Records from a data source
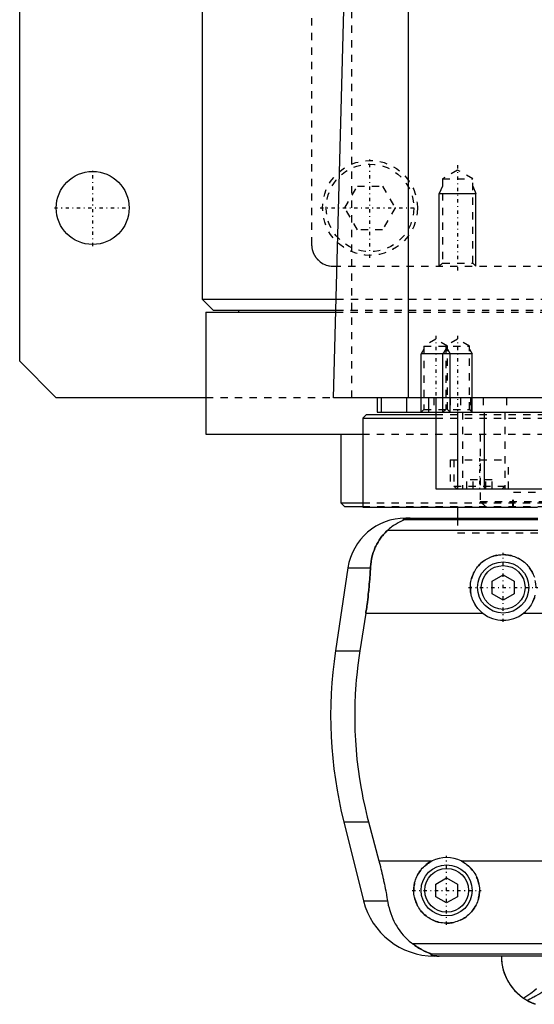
# Model space of a CAD drawing. Extents: x -105 to 105, y -97 to 359.
# Tile 1 of 9: x -105 to -34, y -67 to 68. Entities that reach past the tile are written whole.
import ezdxf

# ---------------------------------------------------------------- set-up
doc = ezdxf.new("R2010")
doc.units = 0
doc.linetypes.add('CENTER', pattern=[1.5, 0.45, -0.5, 0.05, -0.5])
doc.linetypes.add('DASHED', pattern=[2, 1, -1])
for name, color, linetype in [('AM_0', 7, 'CONTINUOUS'), ('AM_10', 7, 'CONTINUOUS'), ('AM_3', 7, 'DASHED'), ('AM_7', 7, 'CENTER')]:
    doc.layers.add(name, color=color, linetype=linetype)

msp = doc.modelspace()

# ---------------------------------------------------------------- linework, layer by layer
at = {"layer": 'AM_0', "color": 7, "linetype": 'CONTINUOUS'}
for p, q in [((-105, 21.5), (-105, 311.5)), ((-80, 291.5), (-80, 30)), ((-51.74, 16.5), (-51.74, 77.05)), ((-62, 16.5), (-60.5, 73.35)), ((-80, 30), (-78.5, 28.5)), ((-80, 30), (-61.61, 30)), ((-78.5, 28.5), (-61.65, 28.5)), ((-75, 28.5), (-75, 28.2)), ((-79.5, 28.2), (-79.5, 11.5)), ((-79.5, 28.2), (-61.66, 28.2)), ((-100, 16.5), (-105, 21.5)), ((-79.5, 16.5), (-100, 16.5)), ((62, 16.5), (-62, 16.5)), ((-56, 16.5), (-56, 14.5)), ((-55.47, 16.5), (-55.47, 14.5)), ((-52, 16.5), (-52, 14.5)), ((-49, 16.5), (-49, 14.5)), ((-48, 16.5), (-48, 4)), ((-57.5, 14.2), (-58, 13.7)), ((-58, 13.7), (-58, 1.5)), ((-58, 13.7), (-48.01, 13.7)), ((-57.5, 14.2), (-48.01, 14.2)), ((-56, 14.5), (56, 14.5)), ((-45, 14.5), (-45, 4)), ((-41.36, 14.5), (-41.36, 4)), ((-79.5, 11.5), (-58.06, 11.5)), ((-61, 11.5), (-61, 2.08)), ((-48, 4), (48, 4)), ((-61, 2.08), (-60.5, 1.58)), ((-61, 2.08), (-58.04, 2.08)), ((-60.5, 1.58), (-58.02, 1.58)), ((-58, 1.5), (-34.04, 1.5)), ((-45, 1.5), (-45, 0)), ((-52.11, 0), (-34, 0)), ((-34, -0.25), (-52.38, -0.25)), ((-34, -1.69), (-54.6, -1.69)), ((-60.02, -6.81), (-61.72, -18.16)), ((-60.02, -6.81), (-56.93, -6.81)), ((-40.25, -8.63), (-38.75, -7.77)), ((-38.75, -7.77), (-37.25, -8.63)), ((-40.25, -10.37), (-40.25, -8.63)), ((-37.25, -8.63), (-37.25, -10.37)), ((-38.75, -11.23), (-40.25, -10.37)), ((-37.25, -10.37), (-38.75, -11.23)), ((-57.58, -13.03), (-58.39, -18.16)), ((-57.58, -13.03), (-41.54, -13.03)), ((-35.96, -13.03), (-29.18, -13.03)), ((-61.72, -18.16), (-58.39, -18.16)), ((-60.6, -41.62), (-57.89, -52.43)), ((-60.6, -41.62), (-57.2, -41.62)), ((-57.2, -41.62), (-55.78, -46.97)), ((-55.78, -46.97), (-48.5, -46.97)), ((-44.5, -46.97), (-20, -46.97)), ((-48, -50.13), (-46.5, -49.27)), ((-46.5, -49.27), (-45, -50.13)), ((-48, -51.87), (-48, -50.13)), ((-45, -50.13), (-45, -51.87)), ((-57.89, -52.43), (-54.6, -52.43)), ((-46.5, -52.73), (-48, -51.87)), ((-45, -51.87), (-46.5, -52.73)), ((-10, -58.31), (-51.17, -58.31)), ((-10, -59.75), (-48.57, -59.75)), ((-10.01, -60), (-48.19, -60))]:
    msp.add_line(p, q, dxfattribs=at)
for points in [[(-51.49, 0, 0), (-51.5, 0, 0), (-51.51, 0, 0), (-51.52, 0, 0), (-51.52, 0, 0), (-51.53, 0, 0), (-51.53, 0, 0), (-51.54, 0, 0), (-51.55, 0, 0), (-51.56, 0, 0), (-51.57, 0, 0), (-51.57, 0, 0), (-51.58, 0, 0), (-51.59, 0, 0), (-51.6, 0, 0), (-51.6, 0, 0), (-51.61, 0, 0), (-51.62, 0, 0), (-51.63, 0, 0), (-51.63, 0, 0), (-51.64, 0, 0), (-51.65, 0, 0), (-51.65, 0, 0), (-51.66, 0, 0), (-51.67, 0, 0), (-51.67, 0, 0), (-51.68, 0, 0), (-51.68, 0, 0), (-51.69, 0, 0), (-51.7, 0, 0), (-51.7, 0, 0), (-51.71, 0, 0), (-51.72, 0, 0), (-51.72, 0, 0), (-51.73, 0, 0), (-51.73, 0, 0), (-51.74, 0, 0), (-51.75, 0, 0), (-51.76, 0, 0), (-51.76, -0.01, 0), (-51.77, -0.01, 0), (-51.77, -0.01, 0), (-51.78, -0.01, 0), (-51.78, -0.01, 0), (-51.79, -0.01, 0), (-51.8, -0.01, 0), (-51.8, -0.01, 0), (-51.81, -0.01, 0), (-51.81, -0.01, 0), (-51.82, -0.01, 0), (-51.82, -0.01, 0), (-51.84, -0.01, 0), (-51.87, -0.01, 0), (-51.89, -0.01, 0), (-51.91, -0.01, 0), (-51.93, -0.01, 0), (-51.96, -0.02, 0), (-51.99, -0.02, 0), (-52.01, -0.02, 0), (-52.04, -0.02, 0), (-52.05, -0.03, 0), (-52.06, -0.03, 0), (-52.08, -0.03, 0), (-52.1, -0.03, 0), (-52.1, -0.03, 0), (-52.11, -0.03, 0), (-52.13, -0.04, 0), (-52.15, -0.04, 0), (-52.15, -0.04, 0), (-52.16, -0.04, 0), (-52.17, -0.04, 0), (-52.19, -0.04, 0), (-52.23, -0.05, 0), (-52.3, -0.07, 0), (-52.35, -0.08, 0), (-52.39, -0.1, 0), (-52.41, -0.11, 0), (-52.42, -0.12, 0), (-52.43, -0.13, 0), (-52.45, -0.14, 0), (-52.45, -0.16, 0), (-52.45, -0.17, 0), (-52.45, -0.19, 0), (-52.44, -0.2, 0), (-52.44, -0.21, 0), (-52.43, -0.22, 0), (-52.41, -0.23, 0), (-52.39, -0.25, 0), (-52.38, -0.25, 0)], [(-52.38, -0.25, 0), (-52.38, -0.25, 0), (-52.38, -0.26, 0), (-52.38, -0.26, 0), (-52.38, -0.26, 0), (-52.38, -0.26, 0), (-52.38, -0.26, 0), (-52.38, -0.27, 0), (-52.38, -0.27, 0), (-52.38, -0.27, 0), (-52.39, -0.27, 0), (-52.39, -0.28, 0), (-52.39, -0.28, 0), (-52.4, -0.28, 0), (-52.41, -0.28, 0), (-52.41, -0.29, 0), (-52.42, -0.29, 0), (-52.43, -0.3, 0), (-52.43, -0.3, 0), (-52.44, -0.3, 0), (-52.45, -0.31, 0), (-52.46, -0.31, 0), (-52.46, -0.31, 0), (-52.47, -0.32, 0), (-52.48, -0.32, 0), (-52.49, -0.33, 0), (-52.5, -0.33, 0), (-52.5, -0.33, 0), (-52.51, -0.34, 0), (-52.53, -0.34, 0), (-52.54, -0.35, 0), (-52.55, -0.35, 0), (-52.57, -0.36, 0), (-52.57, -0.36, 0), (-52.58, -0.37, 0), (-52.6, -0.37, 0), (-52.61, -0.38, 0), (-52.66, -0.4, 0), (-52.76, -0.45, 0), (-52.88, -0.51, 0), (-53, -0.57, 0), (-53.06, -0.6, 0), (-53.13, -0.64, 0), (-53.27, -0.72, 0), (-53.43, -0.81, 0), (-53.59, -0.91, 0), (-53.76, -1.02, 0), (-53.94, -1.15, 0), (-54.03, -1.21, 0), (-54.12, -1.29, 0), (-54.31, -1.44, 0), (-54.5, -1.6, 0), (-54.6, -1.69, 0)], [(-54.6, -1.69, 0), (-54.72, -1.8, 0), (-54.94, -2.02, 0), (-55.16, -2.25, 0), (-55.26, -2.37, 0), (-55.36, -2.49, 0), (-55.55, -2.74, 0), (-55.73, -3, 0), (-55.9, -3.27, 0), (-56.06, -3.55, 0), (-56.2, -3.83, 0), (-56.27, -3.98, 0), (-56.33, -4.12, 0), (-56.45, -4.42, 0), (-56.55, -4.72, 0), (-56.65, -5.03, 0), (-56.73, -5.34, 0), (-56.8, -5.66, 0), (-56.82, -5.83, 0), (-56.85, -5.99, 0), (-56.89, -6.32, 0), (-56.92, -6.65, 0), (-56.93, -6.81, 0)], [(-41.54, -13.03, 0), (-41.62, -12.97, 0), (-41.77, -12.83, 0), (-41.92, -12.69, 0), (-41.99, -12.62, 0), (-42.06, -12.55, 0), (-42.2, -12.39, 0), (-42.33, -12.23, 0), (-42.45, -12.06, 0), (-42.57, -11.89, 0), (-42.67, -11.7, 0), (-42.72, -11.61, 0), (-42.77, -11.52, 0), (-42.86, -11.32, 0), (-42.95, -11.13, 0), (-43.02, -10.93, 0), (-43.08, -10.73, 0), (-43.13, -10.52, 0), (-43.15, -10.42, 0), (-43.18, -10.32, 0), (-43.21, -10.11, 0), (-43.23, -9.91, 0), (-43.24, -9.81, 0), (-43.25, -9.71, 0), (-43.25, -9.51, 0), (-43.25, -9.31, 0), (-43.24, -9.21, 0), (-43.23, -9.11, 0), (-43.21, -8.91, 0), (-43.18, -8.7, 0), (-43.14, -8.5, 0), (-43.09, -8.3, 0), (-43.03, -8.1, 0), (-42.99, -8.01, 0), (-42.96, -7.91, 0), (-42.88, -7.72, 0), (-42.8, -7.53, 0), (-42.7, -7.34, 0), (-42.6, -7.17, 0), (-42.49, -6.99, 0), (-42.43, -6.91, 0), (-42.37, -6.83, 0), (-42.25, -6.67, 0), (-42.12, -6.52, 0), (-41.98, -6.37, 0), (-41.84, -6.23, 0), (-41.7, -6.1, 0), (-41.62, -6.03, 0), (-41.54, -5.97, 0), (-41.38, -5.85, 0), (-41.21, -5.73, 0), (-41.03, -5.62, 0), (-40.85, -5.52, 0), (-40.67, -5.43, 0), (-40.57, -5.38, 0), (-40.47, -5.34, 0), (-40.28, -5.27, 0), (-40.08, -5.2, 0), (-39.87, -5.14, 0), (-39.67, -5.1, 0), (-39.46, -5.06, 0), (-39.36, -5.04, 0), (-39.26, -5.03, 0), (-39.05, -5.01, 0), (-38.85, -5, 0), (-38.75, -5, 0), (-38.65, -5, 0), (-38.45, -5.01, 0), (-38.24, -5.03, 0), (-38.14, -5.04, 0), (-38.04, -5.06, 0), (-37.83, -5.1, 0), (-37.63, -5.14, 0), (-37.42, -5.2, 0), (-37.22, -5.27, 0), (-37.03, -5.34, 0), (-36.93, -5.38, 0), (-36.83, -5.43, 0), (-36.65, -5.52, 0), (-36.47, -5.62, 0), (-36.29, -5.73, 0), (-36.12, -5.85, 0), (-35.96, -5.97, 0), (-35.88, -6.03, 0), (-35.8, -6.1, 0), (-35.66, -6.23, 0), (-35.52, -6.37, 0), (-35.38, -6.52, 0), (-35.25, -6.67, 0), (-35.13, -6.83, 0), (-35.07, -6.91, 0), (-35.01, -6.99, 0), (-34.9, -7.17, 0), (-34.8, -7.34, 0), (-34.7, -7.53, 0), (-34.62, -7.72, 0), (-34.54, -7.91, 0), (-34.51, -8.01, 0), (-34.47, -8.1, 0)], [(-56.93, -6.81, 0), (-56.94, -6.99, 0), (-56.96, -7.33, 0), (-56.98, -7.68, 0), (-56.99, -7.85, 0), (-57, -8.03, 0), (-57.03, -8.37, 0), (-57.06, -8.72, 0), (-57.09, -9.07, 0), (-57.12, -9.42, 0), (-57.15, -9.77, 0), (-57.17, -9.94, 0), (-57.19, -10.12, 0), (-57.23, -10.46, 0), (-57.27, -10.81, 0), (-57.31, -11.15, 0), (-57.36, -11.5, 0), (-57.4, -11.84, 0), (-57.43, -12.01, 0), (-57.45, -12.18, 0), (-57.5, -12.52, 0), (-57.55, -12.86, 0), (-57.58, -13.03, 0)], [(-34.48, -10.93, 0), (-34.55, -11.13, 0), (-34.64, -11.32, 0), (-34.73, -11.52, 0), (-34.78, -11.61, 0), (-34.83, -11.7, 0), (-34.93, -11.89, 0), (-35.05, -12.06, 0), (-35.17, -12.23, 0), (-35.3, -12.39, 0), (-35.44, -12.55, 0), (-35.51, -12.62, 0), (-35.58, -12.69, 0), (-35.73, -12.83, 0), (-35.88, -12.97, 0), (-35.96, -13.03, 0)], [(-58.39, -18.16, 0), (-58.5, -18.82, 0), (-58.67, -20.16, 0), (-58.82, -21.48, 0), (-58.88, -22.14, 0), (-58.94, -22.8, 0), (-59.02, -24.1, 0), (-59.07, -25.38, 0), (-59.09, -26.64, 0), (-59.09, -27.88, 0), (-59.06, -29.15, 0), (-59.03, -29.79, 0), (-58.99, -30.44, 0), (-58.9, -31.75, 0), (-58.78, -33.07, 0), (-58.62, -34.4, 0), (-58.43, -35.73, 0), (-58.21, -37.05, 0), (-58.09, -37.72, 0), (-57.96, -38.38, 0), (-57.68, -39.69, 0), (-57.37, -40.98, 0), (-57.2, -41.62, 0)], [(-55.78, -46.97, 0), (-55.74, -47.12, 0), (-55.66, -47.42, 0), (-55.58, -47.73, 0), (-55.55, -47.88, 0), (-55.51, -48.03, 0), (-55.44, -48.33, 0), (-55.37, -48.63, 0), (-55.3, -48.92, 0), (-55.23, -49.22, 0), (-55.16, -49.52, 0), (-55.13, -49.68, 0), (-55.1, -49.83, 0), (-55.03, -50.13, 0), (-54.97, -50.44, 0), (-54.91, -50.74, 0), (-54.85, -51.05, 0), (-54.79, -51.35, 0), (-54.76, -51.51, 0), (-54.73, -51.66, 0), (-54.68, -51.97, 0), (-54.63, -52.27, 0), (-54.6, -52.43, 0)], [(-44.5, -46.97, 0), (-44.4, -47.02, 0), (-44.2, -47.13, 0), (-44, -47.26, 0), (-43.91, -47.32, 0), (-43.82, -47.39, 0), (-43.64, -47.53, 0), (-43.47, -47.67, 0), (-43.31, -47.82, 0), (-43.16, -47.98, 0), (-43.02, -48.15, 0), (-42.95, -48.24, 0), (-42.88, -48.33, 0), (-42.75, -48.52, 0), (-42.63, -48.71, 0), (-42.51, -48.91, 0), (-42.41, -49.12, 0), (-42.32, -49.33, 0), (-42.28, -49.44, 0), (-42.24, -49.55, 0), (-42.17, -49.76, 0), (-42.12, -49.99, 0), (-42.09, -50.1, 0), (-42.07, -50.21, 0), (-42.04, -50.43, 0), (-42.01, -50.65, 0), (-42.01, -50.76, 0), (-42, -50.87, 0), (-42, -51.08, 0), (-42.01, -51.3, 0), (-42.03, -51.51, 0), (-42.06, -51.73, 0), (-42.1, -51.95, 0), (-42.13, -52.06, 0), (-42.15, -52.17, 0), (-42.22, -52.38, 0), (-42.29, -52.59, 0), (-42.38, -52.8, 0), (-42.47, -53, 0), (-42.57, -53.2, 0), (-42.63, -53.29, 0), (-42.69, -53.39, 0), (-42.81, -53.57, 0), (-42.94, -53.75, 0), (-43.07, -53.92, 0), (-43.22, -54.08, 0), (-43.37, -54.23, 0), (-43.44, -54.3, 0), (-43.52, -54.37, 0), (-43.69, -54.51, 0), (-43.86, -54.65, 0), (-44.05, -54.77, 0), (-44.24, -54.89, 0), (-44.43, -55, 0), (-44.54, -55.05, 0), (-44.64, -55.1, 0), (-44.85, -55.19, 0), (-45.06, -55.26, 0), (-45.28, -55.33, 0), (-45.5, -55.39, 0), (-45.72, -55.43, 0), (-45.84, -55.45, 0), (-45.95, -55.47, 0), (-46.17, -55.49, 0), (-46.39, -55.5, 0), (-46.5, -55.5, 0), (-46.61, -55.5, 0), (-46.83, -55.49, 0), (-47.05, -55.47, 0), (-47.16, -55.45, 0), (-47.28, -55.43, 0), (-47.5, -55.39, 0), (-47.72, -55.33, 0), (-47.94, -55.26, 0), (-48.15, -55.19, 0), (-48.36, -55.1, 0), (-48.46, -55.05, 0), (-48.57, -55, 0), (-48.76, -54.89, 0), (-48.95, -54.77, 0), (-49.14, -54.65, 0), (-49.31, -54.51, 0), (-49.48, -54.37, 0), (-49.56, -54.3, 0), (-49.63, -54.23, 0), (-49.78, -54.08, 0), (-49.93, -53.92, 0), (-50.06, -53.75, 0), (-50.19, -53.57, 0), (-50.31, -53.39, 0), (-50.37, -53.29, 0), (-50.43, -53.2, 0), (-50.53, -53, 0), (-50.62, -52.8, 0), (-50.71, -52.59, 0), (-50.78, -52.38, 0), (-50.85, -52.17, 0), (-50.87, -52.06, 0), (-50.9, -51.95, 0), (-50.94, -51.73, 0), (-50.97, -51.51, 0), (-50.99, -51.3, 0), (-51, -51.08, 0), (-51, -50.87, 0), (-50.99, -50.76, 0), (-50.99, -50.65, 0), (-50.96, -50.43, 0), (-50.93, -50.21, 0), (-50.91, -50.1, 0), (-50.88, -49.99, 0), (-50.83, -49.76, 0), (-50.76, -49.55, 0), (-50.72, -49.44, 0), (-50.68, -49.33, 0), (-50.59, -49.12, 0), (-50.49, -48.91, 0), (-50.37, -48.71, 0), (-50.25, -48.52, 0), (-50.12, -48.33, 0), (-50.05, -48.24, 0), (-49.98, -48.15, 0), (-49.84, -47.98, 0), (-49.69, -47.82, 0), (-49.53, -47.67, 0), (-49.36, -47.53, 0), (-49.18, -47.39, 0), (-49.09, -47.32, 0), (-49, -47.26, 0), (-48.8, -47.13, 0), (-48.6, -47.02, 0), (-48.5, -46.97, 0)], [(-54.6, -52.43, 0), (-54.57, -52.62, 0), (-54.49, -53.02, 0), (-54.39, -53.4, 0), (-54.34, -53.6, 0), (-54.28, -53.78, 0), (-54.16, -54.16, 0), (-54.02, -54.53, 0), (-53.87, -54.89, 0), (-53.71, -55.24, 0), (-53.53, -55.58, 0), (-53.43, -55.75, 0), (-53.34, -55.91, 0), (-53.13, -56.24, 0), (-52.91, -56.55, 0), (-52.68, -56.85, 0), (-52.44, -57.14, 0), (-52.18, -57.42, 0), (-52.04, -57.56, 0), (-51.91, -57.69, 0), (-51.62, -57.95, 0), (-51.33, -58.19, 0), (-51.17, -58.31, 0)], [(-51.17, -58.31, 0), (-51.06, -58.39, 0), (-50.84, -58.55, 0), (-50.63, -58.69, 0), (-50.53, -58.76, 0), (-50.43, -58.83, 0), (-50.23, -58.95, 0), (-50.04, -59.06, 0), (-49.85, -59.16, 0), (-49.68, -59.25, 0), (-49.52, -59.33, 0), (-49.44, -59.37, 0), (-49.36, -59.4, 0), (-49.22, -59.46, 0), (-49.09, -59.52, 0), (-48.96, -59.57, 0), (-48.89, -59.6, 0), (-48.88, -59.61, 0), (-48.86, -59.61, 0), (-48.85, -59.62, 0), (-48.84, -59.62, 0), (-48.82, -59.63, 0), (-48.8, -59.64, 0), (-48.78, -59.64, 0), (-48.77, -59.65, 0), (-48.75, -59.66, 0), (-48.74, -59.66, 0), (-48.73, -59.66, 0), (-48.72, -59.67, 0), (-48.7, -59.67, 0), (-48.7, -59.68, 0), (-48.69, -59.68, 0), (-48.68, -59.69, 0), (-48.66, -59.69, 0), (-48.66, -59.69, 0), (-48.65, -59.7, 0), (-48.64, -59.7, 0), (-48.63, -59.71, 0), (-48.62, -59.71, 0), (-48.61, -59.71, 0), (-48.6, -59.72, 0), (-48.59, -59.72, 0), (-48.59, -59.72, 0), (-48.58, -59.73, 0), (-48.58, -59.73, 0), (-48.57, -59.73, 0), (-48.57, -59.74, 0), (-48.57, -59.74, 0), (-48.57, -59.74, 0), (-48.57, -59.74, 0), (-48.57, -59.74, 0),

PROBLEM DETAILS -
Where a line of the data holds the word "linetypes", copy that line.

TASK OUTPUT -
doc.linetypes.add('CENTER', pattern=[1.5, 0.45, -0.5, 0.05, -0.5])
doc.linetypes.add('DASHED', pattern=[2, 1, -1])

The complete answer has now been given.